OSX certainly has some way to go in addressing this kind of mixed level
behaviour, but it's not going to stop you from shooting yourself in the foot.

About the other features: while I don't appreciate the iOS-ificiation of mac
os, it's trivial to turn these learning-curve reducing features off, and on
laptops I find they make more sense than they do when using a mouse +
keyboard.

------
dasil003
I think Tim is on crack. Snow Leopard was _specifically_ about refactoring and
bug fixes—huge under the hood improvements. It's true that Lion has some
annoying bugs, but so did previous versions, I wouldn't say it's buggier on
the whole (I certainly see far fewer kernel panics than I used to see circa
10.3/10.4). Lion is ambitious, so there are definitely some annoying UI
changes, but there are a lot of meaty changes that offer huge improvements.
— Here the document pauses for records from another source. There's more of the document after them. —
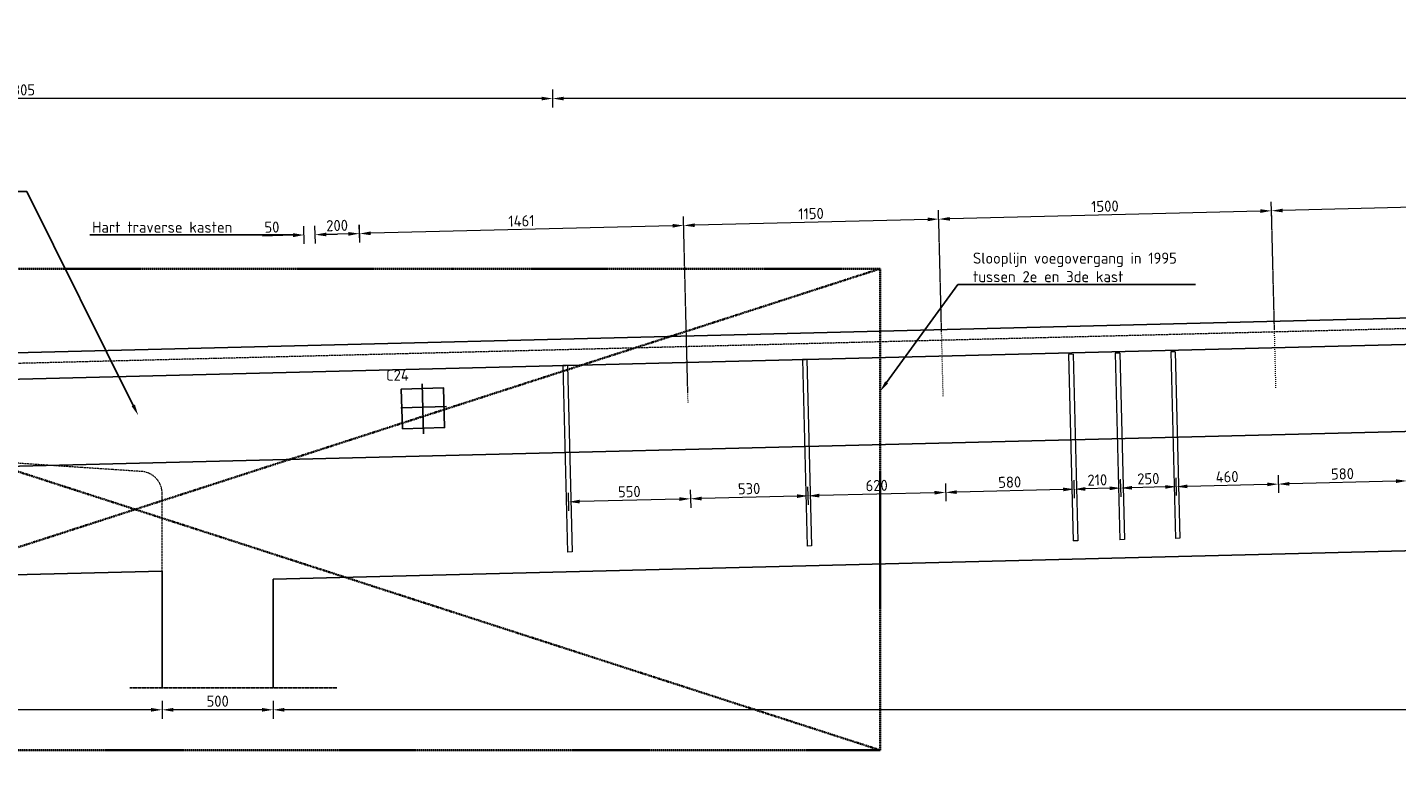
# Model space of a CAD drawing. Header units: millimetres. Extents: x -8028558 to 327273, y -63352 to 83293.
# Tile 84 of 195: x 106316 to 112486, y -12109 to -8699. Entities that reach past the tile are written whole.
import ezdxf
from ezdxf import colors
from ezdxf.entities.mleader import LeaderData, LeaderLine
from ezdxf.math import Vec2, Vec3

# ---------------------------------------------------------------- set-up
doc = ezdxf.new("R2010")
doc.units = ezdxf.units.MM
for name, pattern in [('AL-TEKENBLADGRENS', [11.5, 2.5, -1.5, 1, -1.5, 1, -1.5, 2.5]), ('XX-AFBREEK', [7, 4, -1, 1, -1]), ('XX-HART', [13, 4, -2, 1, -2, 4]), ('ZZ-HIDDEN-SO', [4, 2, -2])]:
    doc.linetypes.add(name, pattern=pattern)
for name, color, linetype, lineweight in [('B-CO-BC-AFBREEKLIJN-GD', 7, 'XX-AFBREEK', 25), ('B-CO-BC-BETONVORM-GD', 90, 'Continuous', 25), ('B-CO-BC-BETONVORM-GN', 10, 'ZZ-HIDDEN-SO', 13), ('B-CO-BC-BETONVORM_GEWAPEND-T70', 210, 'Continuous', 70), ('B-CO-BC-STORTNAAD-GD', 10, 'BC-STORTNAAD', 25), ('B-CO-BC-VOORSPANNING-GD', 200, 'Continuous', 25), ('B-CO-BC-WAPENING_HOOFDWAPENING-G', 170, 'Continuous', 18), ('X-XX-AL-HARTLIJN-G', 7, 'XX-HART', 18), ('X-XX-AL-M', 7, 'Continuous', 18), ('X-XX-AL-TEKENBLADGRENS-G', 7, 'AL-TEKENBLADGRENS', 35), ('X-XX-AL-VERWIJZING-T25', 7, 'Continuous', 25)]:
    doc.layers.add(name, color=color, linetype=linetype, lineweight=lineweight)
doc.styles.add('NLCS-ISO-MM10-T25', font='NLCS-ISO.ttf', dxfattribs={"height": 25})
doc.styles.add('NLCS-ISO-MM20-T25', font='NLCS-ISO.ttf', dxfattribs={"height": 50})
doc.linetypes.add('BC-STORTNAAD', pattern='A,15,-1,[175,NLCS.SHX,S=1,R=0,X=0,Y=0],-1', length=17)
doc.dimstyles.new('NLCS-MM20-T25-PIJL_L0_H4', dxfattribs={"dimscale": 20, "dimtxt": 2.5, "dimasz": 2.5, "dimexe": 2, "dimexo": 2, "dimgap": 0.7, "dimtad": 1, "dimdec": 0, "dimzin": 0, "dimdsep": 46, "dimtxsty": 'NLCS-ISO-MM20-T25', "dimcen": 0, "dimdle": 2, "dimclrd": 256, "dimclre": 256, "dimclrt": 256, "dimadec": 4, "dimazin": 0, "dimtfac": 1, "dimtdec": 3, "dimtofl": 0, "dimtmove": 0, "dimatfit": 3, "dimfxl": 2, "dimfxlon": 1, "dimtfillclr": 256, "dimtolj": 1, "dimtzin": 0, "dimlwd": -1, "dimlwe": -1, "dimarcsym": 0})

# ---------------------------------------------------------------- blocks, each defined once
blk = doc.blocks.new('*D824')
at = {"layer": 'X-XX-AL-M', "transparency": 16777216}
for p, q in [((108683.1, -9059.1), (108683.1, -8979.1)), ((123903.4, -9059.1), (123903.4, -8979.1)), ((123853.4, -9019.1), (108733.1, -9019.1))]:
    blk.add_line(p, q, dxfattribs=at)
for points in [[(108733.1, -9010.7), (108733.1, -9027.4), (108683.1, -9019.1)], [(123853.4, -9010.7), (123853.4, -9027.4), (123903.4, -9019.1)]]:
    blk.add_solid(points, dxfattribs=at)
at = {"layer": 'X-XX-AL-M', "transparency": 16777216, "insert": (116293.3, -8980.1), "char_height": 50, "attachment_point": 5, "style": 'NLCS-ISO-MM20-T25'}
blk.add_mtext('\\A1;15220', dxfattribs=at)
blk = doc.blocks.new('*D825')
at = {"layer": 'X-XX-AL-M', "transparency": 16777216}
for p, q in [((103878.4, -9059.1), (103878.4, -8979.1)), ((108683.1, -9059.1), (108683.1, -8979.1)), ((108633.1, -9019.1), (103928.4, -9019.1))]:
    blk.add_line(p, q, dxfattribs=at)
for points in [[(103928.4, -9010.7), (103928.4, -9027.4), (103878.4, -9019.1)], [(108633.1, -9010.7), (108633.1, -9027.4), (108683.1, -9019.1)]]:
    blk.add_solid(points, dxfattribs=at)
at = {"layer": 'X-XX-AL-M', "transparency": 16777216, "insert": (106280.8, -8980.1), "char_height": 50, "attachment_point": 5, "style": 'NLCS-ISO-MM20-T25'}
blk.add_mtext('\\A1;4805', dxfattribs=at)
blk = doc.blocks.new('*D1403')
at = {"layer": 'X-XX-AL-M', "transparency": 16777216}
for p, q in [((111923.5, -9564.6), (111921.5, -9484.6)), ((113372, -9488.4), (111972.5, -9523.3)), ((113423, -9527.1), (113421, -9447.1))]:
    blk.add_line(p, q, dxfattribs=at)
for points in [[(113371.8, -9480), (113372.2, -9496.7), (113422, -9487.1)], [(111972.3, -9515), (111972.7, -9531.7), (111922.5, -9524.6)]]:
    blk.add_solid(points, dxfattribs=at)
at = {"layer": 'X-XX-AL-M', "transparency": 16777216, "insert": (112671.3, -9466.9), "char_height": 50, "attachment_point": 5, "rotation": 1.4321, "style": 'NLCS-ISO-MM20-T25'}
blk.add_mtext('\\A1;1500', dxfattribs=at)
blk = doc.blocks.new('*D1404')
at = {"layer": 'X-XX-AL-M', "transparency": 16777216}
for p, q in [((111923.5, -9564.6), (111921.5, -9484.6)), ((110423.9, -9602.1), (110421.9, -9522.1)), ((111872.5, -9525.8), (110472.9, -9560.8))]:
    blk.add_line(p, q, dxfattribs=at)
for points in [[(110472.7, -9552.5), (110473.1, -9569.2), (110422.9, -9562.1)], [(111872.3, -9517.5), (111872.7, -9534.2), (111922.5, -9524.6)]]:
    blk.add_solid(points, dxfattribs=at)
at = {"layer": 'X-XX-AL-M', "transparency": 16777216, "insert": (111171.7, -9504.3), "char_height": 50, "attachment_point": 5, "rotation": 1.4321, "style": 'NLCS-ISO-MM20-T25'}
blk.add_mtext('\\A1;1500', dxfattribs=at)
blk = doc.blocks.new('*D1405')
at = {"layer": 'X-XX-AL-M', "transparency": 16777216}
for p, q in [((109274.3, -9630.8), (109272.3, -9550.8)), ((110373, -9563.3), (109323.3, -9589.6)), ((110423.9, -9602.1), (110421.9, -9522.1))]:
    blk.add_line(p, q, dxfattribs=at)
for points in [[(110372.8, -9555), (110373.2, -9571.7), (110422.9, -9562.1)], [(109323.1, -9581.2), (109323.5, -9597.9), (109273.3, -9590.8)]]:
    blk.add_solid(points, dxfattribs=at)
at = {"layer": 'X-XX-AL-M', "transparency": 16777216, "insert": (109847.1, -9537.5), "char_height": 50, "attachment_point": 5, "rotation": 1.4321, "style": 'NLCS-ISO-MM20-T25'}
blk.add_mtext('\\A1;1150', dxfattribs=at)
blk = doc.blocks.new('*D1407')
at = {"layer": 'X-XX-AL-M', "transparency": 16777216}
for p, q in [((109274.3, -9630.8), (109272.3, -9550.8)), ((107814.1, -9667.3), (107812.1, -9587.3)), ((109223.3, -9592.1), (107863.1, -9626.1))]:
    blk.add_line(p, q, dxfattribs=at)
for points in [[(107862.8, -9617.7), (107863.3, -9634.4), (107813.1, -9627.3)], [(109223.1, -9583.7), (109223.5, -9600.4), (109273.3, -9590.8)]]:
    blk.add_solid(points, dxfattribs=at)
at = {"layer": 'X-XX-AL-M', "transparency": 16777216, "insert": (108542.2, -9570.1), "char_height": 50, "attachment_point": 5, "rotation": 1.4321, "style": 'NLCS-ISO-MM20-T25'}
blk.add_mtext('\\A1;1461', dxfattribs=at)
blk = doc.blocks.new('*D1408')
at = {"layer": 'X-XX-AL-M', "transparency": 16777216}
for p, q in [((107613.7, -9672.3), (107611.7, -9592.3)), ((107813.5, -9667.3), (107811.5, -9587.4)), ((107762.5, -9628.6), (107662.7, -9631.1))]:
    blk.add_line(p, q, dxfattribs=at)
for points in [[(107662.5, -9622.8), (107662.9, -9639.4), (107612.7, -9632.3)], [(107762.3, -9620.3), (107762.7, -9636.9), (107812.5, -9627.3)]]:
    blk.add_solid(points, dxfattribs=at)
at = {"layer": 'X-XX-AL-M', "transparency": 16777216, "insert": (107711.6, -9590.8), "char_height": 50, "attachment_point": 5, "rotation": 1.4321, "style": 'NLCS-ISO-MM20-T25'}
blk.add_mtext('\\A1;200', dxfattribs=at)
blk = doc.blocks.new('*D1406')
at = {"layer": 'X-XX-AL-M', "transparency": 16777216}
for p, q in [((107563.7, -9673.6), (107561.7, -9593.6)), ((107613.7, -9672.3), (107611.7, -9592.3)), ((107512.7, -9634.8), (107374.8, -9638.3)), ((107662.7, -9631.1), (107712.7, -9629.8))]:
    blk.add_line(p, q, dxfattribs=at)
for points in [[(107662.5, -9622.8), (107662.9, -9639.4), (107612.7, -9632.3)], [(107512.5, -9626.5), (107512.9, -9643.2), (107562.7, -9633.6)]]:
    blk.add_solid(points, dxfattribs=at)
at = {"layer": 'X-XX-AL-M', "transparency": 16777216, "insert": (107417.8, -9598.2), "char_height": 50, "attachment_point": 5, "rotation": 1.4321, "style": 'NLCS-ISO-MM20-T25'}
blk.add_mtext('\\A1;50', dxfattribs=at)
blk = doc.blocks.new('*D1411')
at = {"layer": 'X-XX-AL-M', "transparency": 16777216}
for p, q in [((111952.2, -10715.5), (111954.2, -10795.5)), ((112534.1, -10781), (112532.1, -10701)), ((112483.1, -10742.3), (112003.2, -10754.3))]:
    blk.add_line(p, q, dxfattribs=at)
for points in [[(112482.9, -10733.9), (112483.3, -10750.6), (112533.1, -10741)], [(112003, -10745.9), (112003.4, -10762.6), (111953.2, -10755.5)]]:
    blk.add_solid(points, dxfattribs=at)
at = {"layer": 'X-XX-AL-M', "transparency": 16777216, "insert": (112242.2, -10709.3), "char_height": 50, "attachment_point": 5, "rotation": 1.4321, "style": 'NLCS-ISO-MM20-T25'}
blk.add_mtext('\\A1;580', dxfattribs=at)
blk = doc.blocks.new('*D1412')
at = {"layer": 'X-XX-AL-M', "transparency": 16777216}
for p, q in [((111494.3, -10807), (111492.3, -10727)), ((111952.2, -10715.5), (111954.2, -10795.5)), ((111903.3, -10756.8), (111543.3, -10765.8))]:
    blk.add_line(p, q, dxfattribs=at)
for points in [[(111543.1, -10757.4), (111543.5, -10774.1), (111493.3, -10767)], [(111903.1, -10748.4), (111903.5, -10765.1), (111953.2, -10755.5)]]:
    blk.add_solid(points, dxfattribs=at)
at = {"layer": 'X-XX-AL-M', "transparency": 16777216, "insert": (111722.3, -10722.3), "char_height": 50, "attachment_point": 5, "rotation": 1.4321, "style": 'NLCS-ISO-MM20-T25'}
blk.add_mtext('\\A1;460', dxfattribs=at)
blk = doc.blocks.new('*D1413')
at = {"layer": 'X-XX-AL-M', "transparency": 16777216}
for p, q in [((111244.4, -10813.3), (111242.4, -10733.3)), ((111494.3, -10807), (111492.3, -10727)), ((111443.4, -10768.3), (111293.4, -10772))]:
    blk.add_line(p, q, dxfattribs=at)
for points in [[(111293.2, -10763.7), (111293.6, -10780.3), (111243.4, -10773.3)], [(111443.2, -10759.9), (111443.6, -10776.6), (111493.3, -10767)]]:
    blk.add_solid(points, dxfattribs=at)
at = {"layer": 'X-XX-AL-M', "transparency": 16777216, "insert": (111367.4, -10731.2), "char_height": 50, "attachment_point": 5, "rotation": 1.4321, "style": 'NLCS-ISO-MM20-T25'}
blk.add_mtext('\\A1;250', dxfattribs=at)
blk = doc.blocks.new('*D1414')
at = {"layer": 'X-XX-AL-M', "transparency": 16777216}
for p, q in [((111244.4, -10813.3), (111242.4, -10733.3)), ((111034.5, -10818.5), (111032.5, -10738.5)), ((111193.4, -10774.5), (111083.5, -10777.3))]:
    blk.add_line(p, q, dxfattribs=at)
for points in [[(111083.3, -10768.9), (111083.7, -10785.6), (111033.5, -10778.5)], [(111193.2, -10766.2), (111193.6, -10782.8), (111243.4, -10773.3)]]:
    blk.add_solid(points, dxfattribs=at)
at = {"layer": 'X-XX-AL-M', "transparency": 16777216, "insert": (111137.5, -10736.9), "char_height": 50, "attachment_point": 5, "rotation": 1.4321, "style": 'NLCS-ISO-MM20-T25'}
blk.add_mtext('\\A1;210', dxfattribs=at)
blk = doc.blocks.new('*D1415')
at = {"layer": 'X-XX-AL-M', "transparency": 16777216}
for p, q in [((110452.7, -10753), (110454.7, -10833)), ((110983.5, -10779.8), (110503.7, -10791.8)), ((111034.5, -10818.5), (111032.5, -10738.5))]:
    blk.add_line(p, q, dxfattribs=at)
for points in [[(110503.5, -10783.4), (110503.9, -10800.1), (110453.7, -10793)], [(110983.3, -10771.4), (110983.7, -10788.1), (111033.5, -10778.5)]]:
    blk.add_solid(points, dxfattribs=at)
at = {"layer": 'X-XX-AL-M', "transparency": 16777216, "insert": (110742.6, -10746.8), "char_height": 50, "attachment_point": 5, "rotation": 1.4321, "style": 'NLCS-ISO-MM20-T25'}
blk.add_mtext('\\A1;580', dxfattribs=at)
blk = doc.blocks.new('*D1416')
at = {"layer": 'X-XX-AL-M', "transparency": 16777216}
for p, q in [((109835.3, -10848.5), (109833.3, -10768.5)), ((110403.7, -10794.3), (109884.3, -10807.2)), ((110452.7, -10753), (110454.7, -10833))]:
    blk.add_line(p, q, dxfattribs=at)
for points in [[(110403.5, -10785.9), (110403.9, -10802.6), (110453.7, -10793)], [(109884.1, -10798.9), (109884.5, -10815.6), (109834.3, -10808.5)]]:
    blk.add_solid(points, dxfattribs=at)
at = {"layer": 'X-XX-AL-M', "transparency": 16777216, "insert": (110143.1, -10761.8), "char_height": 50, "attachment_point": 5, "rotation": 1.4321, "style": 'NLCS-ISO-MM20-T25'}
blk.add_mtext('\\A1;620', dxfattribs=at)
blk = doc.blocks.new('*D1417')
at = {"layer": 'X-XX-AL-M', "transparency": 16777216}
for p, q in [((109303.1, -10781.8), (109305.1, -10861.7)), ((109835.3, -10848.5), (109833.3, -10768.5)), ((109784.3, -10809.7), (109354.1, -10820.5))]:
    blk.add_line(p, q, dxfattribs=at)
for points in [[(109353.9, -10812.2), (109354.3, -10828.8), (109304.1, -10821.7)], [(109784.1, -10801.4), (109784.6, -10818.1), (109834.3, -10808.5)]]:
    blk.add_solid(points, dxfattribs=at)
at = {"layer": 'X-XX-AL-M', "transparency": 16777216, "insert": (109568.2, -10776.1), "char_height": 50, "attachment_point": 5, "rotation": 1.4321, "style": 'NLCS-ISO-MM20-T25'}
blk.add_mtext('\\A1;530', dxfattribs=at)
blk = doc.blocks.new('*D1418')
at = {"layer": 'X-XX-AL-M', "transparency": 16777216}
for p, q in [((108755.7, -10875.5), (108753.7, -10795.5)), ((109303.1, -10781.8), (109305.1, -10861.7)), ((109254.1, -10823), (108804.7, -10834.2))]:
    blk.add_line(p, q, dxfattribs=at)
for points in [[(108804.4, -10825.9), (108804.9, -10842.6), (108754.7, -10835.5)], [(109253.9, -10814.7), (109254.3, -10831.3), (109304.1, -10821.7)]]:
    blk.add_solid(points, dxfattribs=at)
at = {"layer": 'X-XX-AL-M', "transparency": 16777216, "insert": (109028.4, -10789.6), "char_height": 50, "attachment_point": 5, "rotation": 1.4321, "style": 'NLCS-ISO-MM20-T25'}
blk.add_mtext('\\A1;550', dxfattribs=at)
blk = doc.blocks.new('*D1446')
at = {"layer": 'X-XX-AL-M', "transparency": 16777216}
for p, q in [((107423.4, -11732), (107423.4, -11812)), ((121173.4, -11772), (107473.4, -11772)), ((121223.4, -11732), (121223.4, -11812))]:
    blk.add_line(p, q, dxfattribs=at)
for points in [[(107473.4, -11763.6), (107473.4, -11780.3), (107423.4, -11772)], [(121173.4, -11763.6), (121173.4, -11780.3), (121223.4, -11772)]]:
    blk.add_solid(points, dxfattribs=at)
at = {"layer": 'X-XX-AL-M', "transparency": 16777216, "insert": (114323.4, -11733), "char_height": 50, "attachment_point": 5, "style": 'NLCS-ISO-MM20-T25'}
blk.add_mtext('\\A1;13800', dxfattribs=at)
blk = doc.blocks.new('*D1447')
at = {"layer": 'X-XX-AL-M', "transparency": 16777216}
for p, q in [((106923.4, -11732), (106923.4, -11812)), ((107373.4, -11772), (106973.4, -11772)), ((107423.4, -11732), (107423.4, -11812))]:
    blk.add_line(p, q, dxfattribs=at)
for points in [[(106973.4, -11763.6), (106973.4, -11780.3), (106923.4, -11772)], [(107373.4, -11763.6), (107373.4, -11780.3), (107423.4, -11772)]]:
    blk.add_solid(points, dxfattribs=at)
at = {"layer": 'X-XX-AL-M', "transparency": 16777216, "insert": (107173.4, -11733), "char_height": 50, "attachment_point": 5, "style": 'NLCS-ISO-MM20-T25'}
blk.add_mtext('\\A1;500', dxfattribs=at)
blk = doc.blocks.new('*D1612')
at = {"layer": 'X-XX-AL-M', "transparency": 16777216}
for p, q in [((103878.4, -11732), (103878.4, -11812)), ((106873.4, -11772), (103928.4, -11772)), ((106923.4, -11732), (106923.4, -11812))]:
    blk.add_line(p, q, dxfattribs=at)
for points in [[(103928.4, -11763.6), (103928.4, -11780.3), (103878.4, -11772)], [(106873.4, -11763.6), (106873.4, -11780.3), (106923.4, -11772)]]:
    blk.add_solid(points, dxfattribs=at)
at = {"layer": 'X-XX-AL-M', "transparency": 16777216, "insert": (105400.9, -11733), "char_height": 50, "attachment_point": 5, "style": 'NLCS-ISO-MM20-T25'}
blk.add_mtext('\\A1;3045', dxfattribs=at)

msp = doc.modelspace()

# ---------------------------------------------------------------- linework, layer by layer
at = {"layer": 'B-CO-BC-AFBREEKLIJN-GD', "flags": 128}
msp.add_lwpolyline([(106776.9, -11672.4), (107710.2, -11672.4)], dxfattribs=at)
at = {"layer": 'B-CO-BC-BETONVORM-GD', "flags": 128}
for points in [[(123903.4, -9722.6), (105177.4, -10190.7)], [(124768.4, -9821), (103878.4, -10343.2)], [(107423.4, -11183.4), (121223.4, -10838.4)], [(103878.4, -11223.2), (106923.4, -11147.1)], [(106923.4, -11672.4), (106923.4, -11147.1)], [(107423.4, -11672.4), (107423.4, -11183.4)]]:
    msp.add_lwpolyline(points, dxfattribs=at)
at = {"layer": 'B-CO-BC-BETONVORM-GN'}
for p, q in [((106823.4, -10698.4), (104050.4, -10513.6)), ((106923.4, -11147.1), (106923.4, -10795.9))]:
    msp.add_line(p, q, dxfattribs=at)
at = {"layer": 'B-CO-BC-BETONVORM-GN', "flags": 128}
msp.add_lwpolyline([(123913.1, -9771.1), (105197, -10239)], dxfattribs=at)
at = {"layer": 'B-CO-BC-BETONVORM-GN'}
msp.add_arc((106823.4, -10798.4), 100, 1.4321, 90, dxfattribs=at)
at = {"layer": 'B-CO-BC-STORTNAAD-GD', "flags": 128}
msp.add_lwpolyline([(124768.4, -10212.9), (103878.4, -10735.2)], dxfattribs=at)
at = {"layer": 'B-CO-BC-VOORSPANNING-GD', "flags": 128}
for points in [[(108095.4, -10304.3), (108101.4, -10528.6)], [(107999.3, -10411.8), (108205.2, -10406.2)]]:
    msp.add_lwpolyline(points, dxfattribs=at)
at = {"layer": 'B-CO-BC-VOORSPANNING-GD'}
msp.add_lwpolyline([(108006, -10507.1), (108195.9, -10501), (108190.9, -10321.2), (108001, -10327.4)], close=True, dxfattribs=at)
at = {"layer": 'B-CO-BC-WAPENING_HOOFDWAPENING-G', "flags": 128}
for points in [[(111028.3, -10171), (111008.3, -10171.5)], [(111008.3, -10171.5), (111029.3, -11011.3)], [(111028.3, -10171), (111049.3, -11010.8)], [(111238.2, -10165.8), (111218.2, -10166.3)], [(111218.2, -10166.3), (111239.2, -11006)], [(111238.2, -10165.8), (111259.2, -11005.5)], [(111488.2, -10159.5), (111468.2, -10160)], [(111468.2, -10160), (111489.2, -10999.8)], [(111488.2, -10159.5), (111509.2, -10999.3)], [(108749.3, -10221.5), (108729.3, -10222)], [(108729.3, -10222), (108750.3, -11061.7)], [(108749.3, -10221.5), (108770.3, -11061.2)], [(109829, -10194.5), (109809, -10195)], [(109809, -10195), (109830, -11034.7)], [(109829, -10194.5), (109850, -11034.2)], [(109850, -11034.2), (109830, -11034.7)], [(111049.3, -11010.8), (111029.3, -11011.3)], [(111259.2, -11005.5), (111239.2, -11006)], [(111509.2, -10999.3), (111489.2, -10999.8)], [(108770.3, -11061.2), (108750.3, -11061.7)]]:
    msp.add_lwpolyline(points, dxfattribs=at)
at = {"layer": 'B-CO-BC-WAPENING_HOOFDWAPENING-G', "ltscale": 500, "flags": 128}
for points in [[(111008.3, -10171.5), (111029.3, -11011.3)], [(111218.2, -10166.3), (111239.2, -11006)], [(111468.2, -10160), (111489.2, -10999.8)], [(108729.3, -10222), (108750.3, -11061.7)], [(109809, -10195), (109830, -11034.7)]]:
    msp.add_lwpolyline(points, dxfattribs=at)
at = {"layer": 'X-XX-AL-HARTLIJN-G', "flags": 128}
for points in [[(110442.9, -10359.9), (110422.9, -9562.1)], [(111942.4, -10322.4), (111922.5, -9524.6)], [(109293.2, -10388.7), (109273.3, -9590.8)]]:
    msp.add_lwpolyline(points, dxfattribs=at)
at = {"layer": 'X-XX-AL-TEKENBLADGRENS-G', "flags": 128}
msp.add_lwpolyline([(110158.4, -9785.5), (103444.7, -11953.5), (110158.4, -11953.5), (103444.7, -9785.5)], close=True, dxfattribs=at)
msp.add_lwpolyline([(110158.4, -11953.5), (110158.4, -9785.5)], dxfattribs=at)

# ---------------------------------------------------------------- texts
at = {"layer": 'B-CO-BC-BETONVORM_GEWAPEND-T70', "ltscale": 500, "insert": (108034.8, -10240.4), "char_height": 50, "attachment_point": 3, "style": 'NLCS-ISO-MM20-T25'}
msp.add_mtext_dynamic_manual_height_columns('C24', width=332.893, gutter_width=35, heights=[0], dxfattribs=at)

# ---------------------------------------------------------------- dimensions: what is measured, and where the dimension line sits
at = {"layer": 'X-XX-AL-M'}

Some of my favorites are: mission control is much better than exposé + spaces
which I could never really put to great use. Fullscreen mode is very cool
(although it sucks with multi-monitors, hopefully they'll fix that). Finally
the ability to resize windows from every corner. Autosave. Remembering open
windows. New gestures are great once you internalize them. What Apple is doing
with sandboxing is really a revolution in PC security even if the costs are
high to user and developer freedom.

I'm pretty concerned about the App Store model and the future implications,
but so far Apple is still doing amazing UX work. I imagine at some point I
will have to go Linux if Apple keeps tightening their grip, but that day is
not yet here.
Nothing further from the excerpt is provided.